Guided Exercise: Clean Dialogue, Balance Against Music, Export a Mix Preview

Goal

Clean a noisy dialogue clip, make it consistent, place music underneath without masking speech, then export a short preview of the mix.

Setup

  • One dialogue clip with noticeable background noise (HVAC, hiss, room tone).
  • One music clip that overlaps the dialogue for at least 20–30 seconds.
  • A short timeline region (30–60 seconds) to export as a preview.

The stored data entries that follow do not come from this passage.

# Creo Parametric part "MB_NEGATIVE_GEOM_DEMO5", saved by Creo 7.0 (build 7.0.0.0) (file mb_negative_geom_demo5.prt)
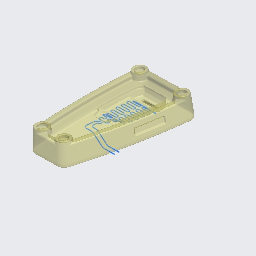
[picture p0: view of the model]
Units: millimeter Kilogram Sec (mmKs); MM, KILOGRAM, SECS

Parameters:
  COPY_GEOM_ORIGIN_TYPE = "Part"

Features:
  1. datum plane "RIGHT"
  2. datum plane "TOP"
  3. datum plane "FRONT"
  4. datum axis
  5. coordinate system
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
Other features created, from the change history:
  feature "Copy Geometry id 65689"
  curve "Copy 3"
  curve "Copied Copy 4"
  feature "Remove Body 2"
  feature "Copy Geometry id 66864"
  planar section "XSEC0002"
  protrusion "Sweep 1" (2 times)
  feature "Body Subtract 8" (2 times)
  planar section "XSEC0001" (3 times)

Other named items: SIDE_POCKET, CURVE_BODY_INTERSECT, TOP_POCKET, LOCAL_GROUP_16, LOCAL_GROUP_72, LOCAL_GROUP_58, LOCAL_GROUP_44, LOCAL_GROUP_30, LOCAL_GROUP_15, LOCAL_GROUP, LOCAL_GROUP_73, LOCAL_GROUP_59, LOCAL_GROUP_45, LOCAL_GROUP_31, LOCAL_GROUP_17, LOCAL_GROUP_1, LOCAL_GROUP_74, LOCAL_GROUP_60, LOCAL_GROUP_46, LOCAL_GROUP_32, LOCAL_GROUP_18, LOCAL_GROUP_2, LOCAL_GROUP_75, LOCAL_GROUP_61, LOCAL_GROUP_47, LOCAL_GROUP_33, LOCAL_GROUP_19, LOCAL_GROUP_3, LOCAL_GROUP_76, LOCAL_GROUP_62, LOCAL_GROUP_48, LOCAL_GROUP_34, LOCAL_GROUP_20, LOCAL_GROUP_4, LOCAL_GROUP_77, LOCAL_GROUP_63, LOCAL_GROUP_49, LOCAL_GROUP_35, LOCAL_GROUP_21, LOCAL_GROUP_5, LOCAL_GROUP_78, LOCAL_GROUP_64, LOCAL_GROUP_50, LOCAL_GROUP_36, LOCAL_GROUP_22, LOCAL_GROUP_6, LOCAL_GROUP_7, LOCAL_GROUP_79, LOCAL_GROUP_65, LOCAL_GROUP_51, LOCAL_GROUP_37, LOCAL_GROUP_23, LOCAL_GROUP_8, LOCAL_GROUP_80, LOCAL_GROUP_66, LOCAL_GROUP_52, LOCAL_GROUP_38, LOCAL_GROUP_24, LOCAL_GROUP_9, LOCAL_GROUP_81, LOCAL_GROUP_67, LOCAL_GROUP_53, LOCAL_GROUP_39, LOCAL_GROUP_25, LOCAL_GROUP_10, LOCAL_GROUP_82, LOCAL_GROUP_68, LOCAL_GROUP_54, LOCAL_GROUP_40, LOCAL_GROUP_26, LOCAL_GROUP_11, LOCAL_GROUP_83, LOCAL_GROUP_69, LOCAL_GROUP_55, LOCAL_GROUP_41, LOCAL_GROUP_27, LOCAL_GROUP_12, LOCAL_GROUP_84, LOCAL_GROUP_70, LOCAL_GROUP_56, LOCAL_GROUP_42, LOCAL_GROUP_28, LOCAL_GROUP_13, LOCAL_GROUP_85, LOCAL_GROUP_71, LOCAL_GROUP_57, LOCAL_GROUP_43, LOCAL_GROUP_29, LOCAL_GROUP_14, MAIN_BODY, COMPOSITE_PIPE_CURVE, PIPE_CURVE_BACKUP_FROZEN, MAIN, POCKET_INSERT, CURVE_BASE1
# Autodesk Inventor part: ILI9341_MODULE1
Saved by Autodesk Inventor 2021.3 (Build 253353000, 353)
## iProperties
Created: 2021-12
Part Number: ILI9341_MODULE1
Material: Generic
Document SubType Name: Modeling
Designer: Administrator
Density: 1 g/cm^3
Appearance: Default
Title: ILI9341_MODULE1
Author: Administrator
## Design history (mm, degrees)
feature "Body1"
body "Solid1"
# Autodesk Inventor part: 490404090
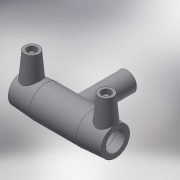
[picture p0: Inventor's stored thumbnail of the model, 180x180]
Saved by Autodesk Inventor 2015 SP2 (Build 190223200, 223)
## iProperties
Created: 2017-06
Part Number: 490404090
Material: Generic
Description: PLASSON TEE 90-90-90
Document SubType Name: Modeling
Designer: KIM
Mass: 57.3761 g
Surface Area: 241.06 cm^2
Volume: 57.3761 cm^3
Density: 1 g/cm^3
Appearance: Default
Author: KIM
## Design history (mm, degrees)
derived "490404.ipt"
feature "Solid1::490404.ipt"
tag "TaggingFeature1"
body "Solid1"
other parameters: "d0" = 294, "d2" = 113, "d3" = 71, "d4" = 73.5, "d5" = 101.7, "d6" = 85.5, "d8" = 168 deg, "d10" = 28.4, "d11" = 9.46667, "d13" = 294, "d14" = 17.6296, "d17" = 81, "d19" = 3.52592, "d20" = 168 deg, "d22" = 105.09, "d23" = 113, "d24" = 101.9373, "d25" = 135 deg, "d26" = 205.8, "d27" = 135 deg, "d29" = 71, "d30" = 15, "d31" = 117.6, "d34" = 5 deg, "d35" = 15, "d39" = 5 deg, "d40" = 9.6, "d41" = 4.8, "d42" = 6, "d43" = 0, "d45" = 4, "d46" = 14, "d47" = 0, "d48" = -137, "d51" = 0, "d52" = 72, "d54" = 0, "d55" = 101.7, "d56" = 113, "d57" = 102.9, "d58" = 135 deg, "d59" = 71, "d60" = 71, "d61" = 135 deg, "d62" = 137, "d72" = 133.77, "d73" = 66.885, "d74" = -137, "d75" = 94.5, "d77" = 0, "d78" = 72, "d80" = 0, "d82" = 80.5, "d83" = 0, "d84" = 3, "d85" = 0, "d86" = 3, "d87" = 0, "d88" = 20.59, "d89" = 5.1475, "d90" = 20.59, "L_" = 294, "L_1" = 71, "D_" = 113, "A_" = 71, "d_2" = 12, "H_" = 137

Part A — Dialogue cleanup (step-by-step)

  1. Solo dialogue and listen for the main problem: rumble, hiss, harsh S sounds, uneven level, or all of these.
  2. Clip gain: adjust the dialogue clip level so it sits in a workable range (not tiny on the meter, not near clipping).
  3. EQ on the dialogue track: enable HPF (start 80–100 Hz), then reduce muddiness (150–350 Hz) if needed, then add a small presence boost (2–5 kHz) if the voice is dull.
  4. Compression: enable light compression (2:1–3:1). Set threshold for about 2–4 dB gain reduction on louder words.
  5. Noise reduction (if needed): apply gently. Increase strength only until the noise is less distracting; stop before artifacts appear.
  6. De-esser (if needed): target 6–8 kHz and reduce harshness without lisping.
  7. Re-check levels: ensure dialogue peaks are controlled and the track isn’t clipping.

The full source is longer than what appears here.